> **Saved entries**:
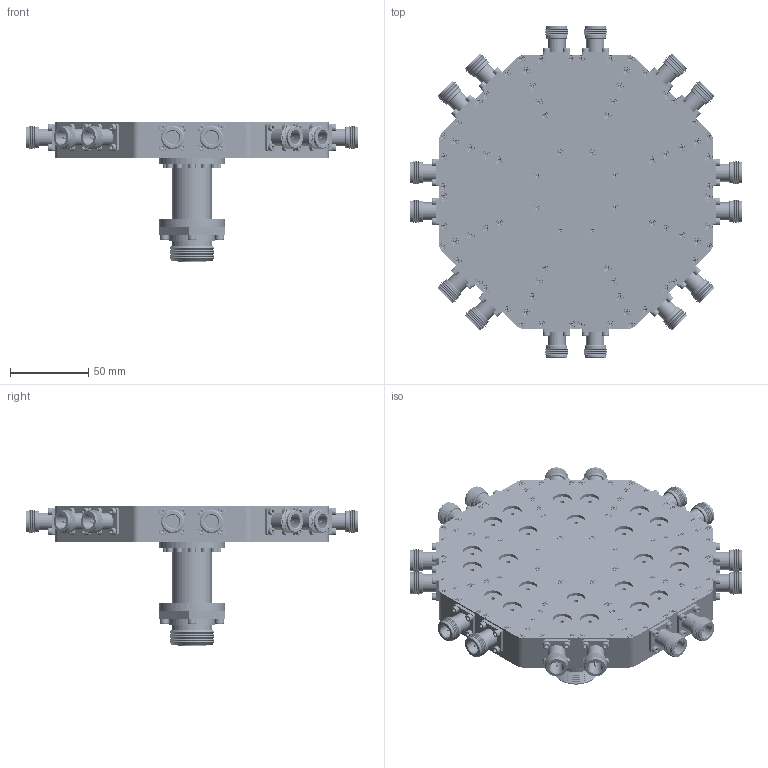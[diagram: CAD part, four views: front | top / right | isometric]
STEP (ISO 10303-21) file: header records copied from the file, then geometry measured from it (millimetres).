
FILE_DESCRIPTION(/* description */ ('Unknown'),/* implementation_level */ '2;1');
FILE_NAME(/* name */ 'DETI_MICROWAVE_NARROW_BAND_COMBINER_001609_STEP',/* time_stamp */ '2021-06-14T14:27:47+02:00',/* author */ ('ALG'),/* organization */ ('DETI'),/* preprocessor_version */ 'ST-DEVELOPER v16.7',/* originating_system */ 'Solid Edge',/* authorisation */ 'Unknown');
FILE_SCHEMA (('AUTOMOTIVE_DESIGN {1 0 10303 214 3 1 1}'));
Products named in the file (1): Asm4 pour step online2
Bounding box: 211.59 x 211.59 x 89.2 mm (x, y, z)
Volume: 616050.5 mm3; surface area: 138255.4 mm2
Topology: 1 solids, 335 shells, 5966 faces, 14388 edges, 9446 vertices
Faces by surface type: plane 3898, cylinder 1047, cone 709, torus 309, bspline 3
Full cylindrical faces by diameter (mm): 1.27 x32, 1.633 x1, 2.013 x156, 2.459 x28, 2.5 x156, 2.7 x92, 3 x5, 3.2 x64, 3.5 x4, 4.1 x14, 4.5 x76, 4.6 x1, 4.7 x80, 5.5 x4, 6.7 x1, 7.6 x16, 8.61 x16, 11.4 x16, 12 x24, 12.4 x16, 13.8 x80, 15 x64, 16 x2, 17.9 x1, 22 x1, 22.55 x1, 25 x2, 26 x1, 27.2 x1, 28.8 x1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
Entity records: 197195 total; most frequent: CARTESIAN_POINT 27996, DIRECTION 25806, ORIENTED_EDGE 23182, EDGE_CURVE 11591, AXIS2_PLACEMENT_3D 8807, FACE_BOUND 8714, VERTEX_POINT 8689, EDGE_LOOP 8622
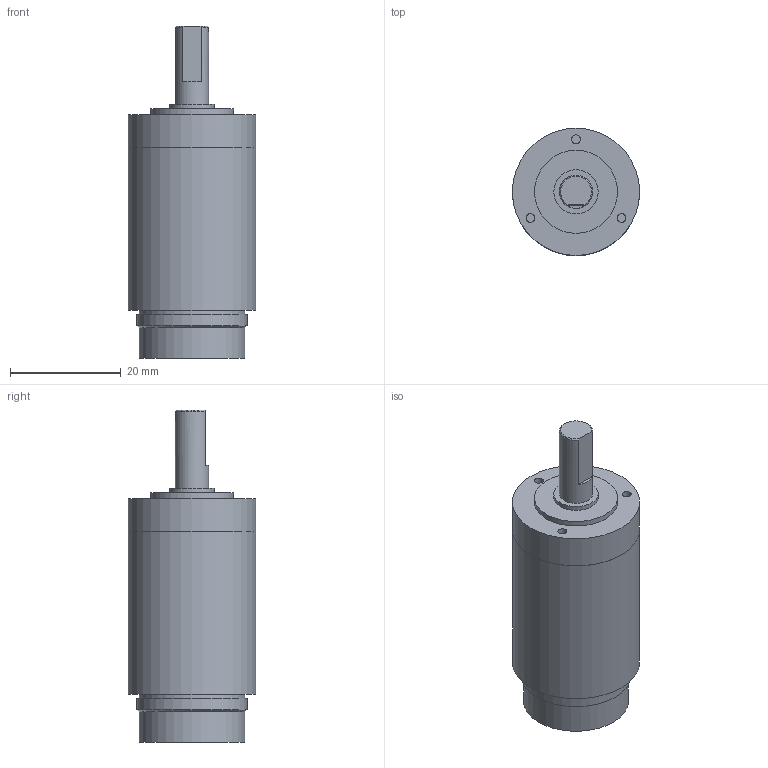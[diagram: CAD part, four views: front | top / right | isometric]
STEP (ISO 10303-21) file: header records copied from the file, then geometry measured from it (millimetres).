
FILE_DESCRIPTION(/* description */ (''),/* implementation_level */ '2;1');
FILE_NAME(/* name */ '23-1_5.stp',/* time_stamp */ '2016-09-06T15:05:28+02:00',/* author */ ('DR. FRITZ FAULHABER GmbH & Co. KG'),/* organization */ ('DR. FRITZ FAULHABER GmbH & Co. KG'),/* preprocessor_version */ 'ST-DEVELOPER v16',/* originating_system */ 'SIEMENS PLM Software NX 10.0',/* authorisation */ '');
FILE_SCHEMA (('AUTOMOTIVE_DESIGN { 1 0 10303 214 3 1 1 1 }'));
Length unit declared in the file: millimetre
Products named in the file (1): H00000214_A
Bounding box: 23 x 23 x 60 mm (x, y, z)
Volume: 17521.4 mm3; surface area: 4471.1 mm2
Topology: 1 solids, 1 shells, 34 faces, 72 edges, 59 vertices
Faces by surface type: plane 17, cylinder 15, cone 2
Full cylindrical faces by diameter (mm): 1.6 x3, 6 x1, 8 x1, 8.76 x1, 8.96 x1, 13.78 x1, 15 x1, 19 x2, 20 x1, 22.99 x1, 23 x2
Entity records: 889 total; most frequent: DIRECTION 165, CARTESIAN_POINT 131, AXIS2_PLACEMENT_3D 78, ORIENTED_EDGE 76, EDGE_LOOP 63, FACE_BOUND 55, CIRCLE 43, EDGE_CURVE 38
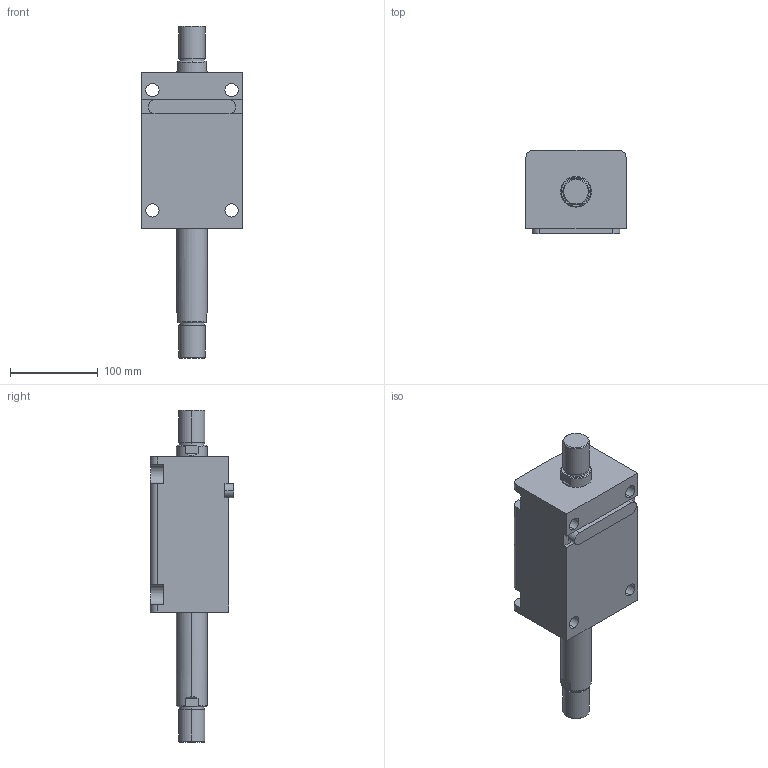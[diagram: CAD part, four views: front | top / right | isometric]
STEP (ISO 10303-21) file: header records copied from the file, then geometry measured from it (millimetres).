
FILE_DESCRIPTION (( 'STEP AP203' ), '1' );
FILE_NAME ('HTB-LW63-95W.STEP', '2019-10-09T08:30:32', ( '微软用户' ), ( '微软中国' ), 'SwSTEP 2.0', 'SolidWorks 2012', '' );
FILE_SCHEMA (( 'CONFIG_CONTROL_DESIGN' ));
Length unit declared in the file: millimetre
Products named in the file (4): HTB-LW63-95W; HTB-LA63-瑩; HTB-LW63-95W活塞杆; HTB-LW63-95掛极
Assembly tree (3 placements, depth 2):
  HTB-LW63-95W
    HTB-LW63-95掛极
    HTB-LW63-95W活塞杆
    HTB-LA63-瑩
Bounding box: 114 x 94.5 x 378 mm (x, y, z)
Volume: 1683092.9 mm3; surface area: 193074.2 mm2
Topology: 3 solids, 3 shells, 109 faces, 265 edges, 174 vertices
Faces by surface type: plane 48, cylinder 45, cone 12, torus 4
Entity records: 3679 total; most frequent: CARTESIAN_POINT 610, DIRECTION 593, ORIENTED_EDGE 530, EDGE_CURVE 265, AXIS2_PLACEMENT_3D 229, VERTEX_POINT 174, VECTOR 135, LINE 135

> **GOAL OF THE EXERCISE**: Give the count, and only the count, of lines in these records that hold the string "Products".

> **RESPONSE BELOW**: 3